══ Study material ══

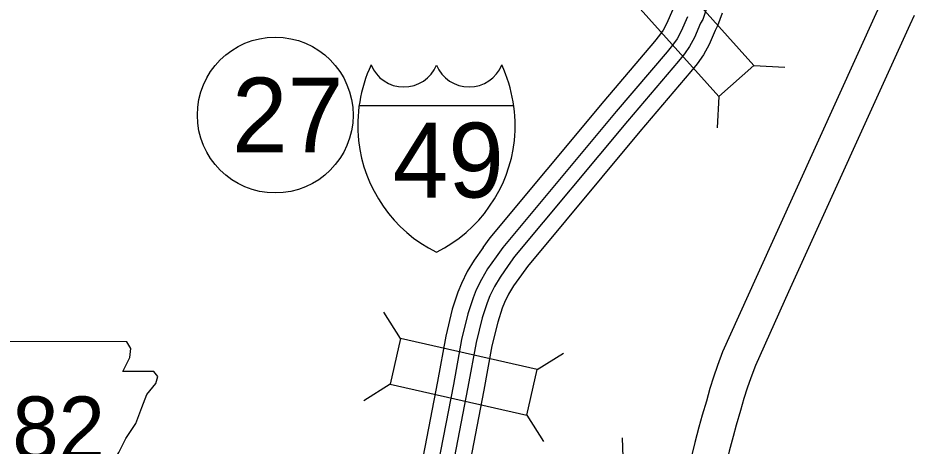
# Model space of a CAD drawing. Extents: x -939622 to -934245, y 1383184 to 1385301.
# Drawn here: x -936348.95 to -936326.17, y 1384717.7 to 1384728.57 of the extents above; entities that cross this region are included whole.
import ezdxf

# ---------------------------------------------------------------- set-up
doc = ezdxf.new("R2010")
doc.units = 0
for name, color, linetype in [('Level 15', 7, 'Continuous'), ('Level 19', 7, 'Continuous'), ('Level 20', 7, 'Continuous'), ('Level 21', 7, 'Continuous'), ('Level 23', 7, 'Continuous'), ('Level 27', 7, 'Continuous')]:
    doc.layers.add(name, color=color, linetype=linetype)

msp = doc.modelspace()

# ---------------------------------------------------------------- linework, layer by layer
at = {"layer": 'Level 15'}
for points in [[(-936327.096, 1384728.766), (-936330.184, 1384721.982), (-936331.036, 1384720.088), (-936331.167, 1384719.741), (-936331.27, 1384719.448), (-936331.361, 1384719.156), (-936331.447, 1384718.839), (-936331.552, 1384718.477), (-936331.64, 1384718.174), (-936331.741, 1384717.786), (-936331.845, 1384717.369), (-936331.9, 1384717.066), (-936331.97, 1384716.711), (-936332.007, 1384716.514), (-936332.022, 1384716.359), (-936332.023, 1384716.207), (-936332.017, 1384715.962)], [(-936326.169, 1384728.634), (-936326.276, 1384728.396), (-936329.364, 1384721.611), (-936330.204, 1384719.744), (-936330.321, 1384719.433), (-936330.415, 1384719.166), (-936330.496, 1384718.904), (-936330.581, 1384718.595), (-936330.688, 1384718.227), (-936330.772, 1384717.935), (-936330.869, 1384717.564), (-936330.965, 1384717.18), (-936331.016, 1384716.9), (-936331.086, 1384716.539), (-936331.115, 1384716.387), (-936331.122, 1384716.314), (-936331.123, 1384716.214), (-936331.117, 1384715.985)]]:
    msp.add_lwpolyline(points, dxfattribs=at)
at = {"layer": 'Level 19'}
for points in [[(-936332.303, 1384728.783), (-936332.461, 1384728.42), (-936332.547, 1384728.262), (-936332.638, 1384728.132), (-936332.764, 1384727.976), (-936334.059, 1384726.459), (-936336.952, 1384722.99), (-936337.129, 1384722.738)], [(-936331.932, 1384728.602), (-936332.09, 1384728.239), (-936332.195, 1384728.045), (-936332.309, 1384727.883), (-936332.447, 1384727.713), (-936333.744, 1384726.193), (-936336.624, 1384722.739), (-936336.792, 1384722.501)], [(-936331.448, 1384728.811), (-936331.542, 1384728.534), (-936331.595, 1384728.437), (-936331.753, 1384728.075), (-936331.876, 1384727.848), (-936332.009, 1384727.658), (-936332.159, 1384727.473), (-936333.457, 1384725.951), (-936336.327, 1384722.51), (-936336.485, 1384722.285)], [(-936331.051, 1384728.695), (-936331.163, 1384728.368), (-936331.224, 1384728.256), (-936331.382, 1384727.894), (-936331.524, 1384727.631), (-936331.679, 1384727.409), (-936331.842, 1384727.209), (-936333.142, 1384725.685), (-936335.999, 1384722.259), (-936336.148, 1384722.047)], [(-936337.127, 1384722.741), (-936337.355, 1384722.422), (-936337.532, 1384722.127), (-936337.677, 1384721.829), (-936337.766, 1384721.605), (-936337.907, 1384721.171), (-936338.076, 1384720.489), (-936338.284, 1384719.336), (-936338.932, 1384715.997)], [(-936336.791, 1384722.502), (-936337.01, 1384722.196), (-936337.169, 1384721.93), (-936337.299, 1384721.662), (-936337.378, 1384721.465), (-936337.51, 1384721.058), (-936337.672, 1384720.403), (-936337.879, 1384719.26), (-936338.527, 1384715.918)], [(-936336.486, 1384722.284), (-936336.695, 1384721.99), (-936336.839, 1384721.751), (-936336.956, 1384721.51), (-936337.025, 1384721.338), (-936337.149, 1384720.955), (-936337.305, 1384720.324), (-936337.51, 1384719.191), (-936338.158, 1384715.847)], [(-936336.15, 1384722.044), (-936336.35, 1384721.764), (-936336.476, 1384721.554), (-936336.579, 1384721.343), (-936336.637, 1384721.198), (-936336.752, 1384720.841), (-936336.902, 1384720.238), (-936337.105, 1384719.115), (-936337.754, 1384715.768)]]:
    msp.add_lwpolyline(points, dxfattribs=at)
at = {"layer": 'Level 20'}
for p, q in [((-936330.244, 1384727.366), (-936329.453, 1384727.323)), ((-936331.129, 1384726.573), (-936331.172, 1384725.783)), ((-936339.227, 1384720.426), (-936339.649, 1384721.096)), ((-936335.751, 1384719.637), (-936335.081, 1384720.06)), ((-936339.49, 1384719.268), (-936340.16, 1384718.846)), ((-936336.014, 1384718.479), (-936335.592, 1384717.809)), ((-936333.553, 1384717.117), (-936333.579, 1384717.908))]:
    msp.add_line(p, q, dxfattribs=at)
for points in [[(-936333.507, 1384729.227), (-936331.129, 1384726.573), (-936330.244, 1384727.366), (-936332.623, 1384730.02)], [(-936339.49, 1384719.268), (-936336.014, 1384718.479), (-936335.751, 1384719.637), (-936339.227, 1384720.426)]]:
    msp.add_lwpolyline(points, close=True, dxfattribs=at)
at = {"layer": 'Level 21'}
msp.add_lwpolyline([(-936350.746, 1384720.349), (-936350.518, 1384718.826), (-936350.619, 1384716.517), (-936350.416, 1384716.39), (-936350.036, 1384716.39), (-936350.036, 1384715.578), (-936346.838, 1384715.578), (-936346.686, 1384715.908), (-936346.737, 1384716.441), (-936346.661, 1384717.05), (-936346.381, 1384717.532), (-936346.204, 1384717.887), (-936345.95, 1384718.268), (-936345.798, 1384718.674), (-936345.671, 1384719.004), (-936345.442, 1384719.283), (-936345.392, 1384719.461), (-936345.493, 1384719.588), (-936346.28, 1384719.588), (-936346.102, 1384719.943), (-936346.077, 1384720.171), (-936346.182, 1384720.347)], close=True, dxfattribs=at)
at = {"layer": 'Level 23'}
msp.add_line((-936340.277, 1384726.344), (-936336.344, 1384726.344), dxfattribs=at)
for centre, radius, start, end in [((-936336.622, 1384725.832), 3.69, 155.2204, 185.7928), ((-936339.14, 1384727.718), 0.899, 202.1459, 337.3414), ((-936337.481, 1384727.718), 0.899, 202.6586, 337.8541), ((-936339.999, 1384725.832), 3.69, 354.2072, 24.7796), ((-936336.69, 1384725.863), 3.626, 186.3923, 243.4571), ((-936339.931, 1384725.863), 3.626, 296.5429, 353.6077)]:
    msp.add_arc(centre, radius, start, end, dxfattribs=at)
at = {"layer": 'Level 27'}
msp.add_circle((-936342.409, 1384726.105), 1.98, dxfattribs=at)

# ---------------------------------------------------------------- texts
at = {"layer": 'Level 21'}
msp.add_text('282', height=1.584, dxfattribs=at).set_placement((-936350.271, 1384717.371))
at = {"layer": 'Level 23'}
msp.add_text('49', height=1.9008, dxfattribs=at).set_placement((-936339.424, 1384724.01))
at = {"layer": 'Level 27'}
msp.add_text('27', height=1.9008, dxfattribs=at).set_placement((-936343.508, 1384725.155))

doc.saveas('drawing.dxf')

═══

## Action item
Check the entries above line by line and return each one containing the word "color".

## Task response
for name, color, linetype in [('Level 15', 7, 'Continuous'), ('Level 19', 7, 'Continuous'), ('Level 20', 7, 'Continuous'), ('Level 21', 7, 'Continuous'), ('Level 23', 7, 'Continuous'), ('Level 27', 7, 'Continuous')]:
    doc.layers.add(name, color=color, linetype=linetype)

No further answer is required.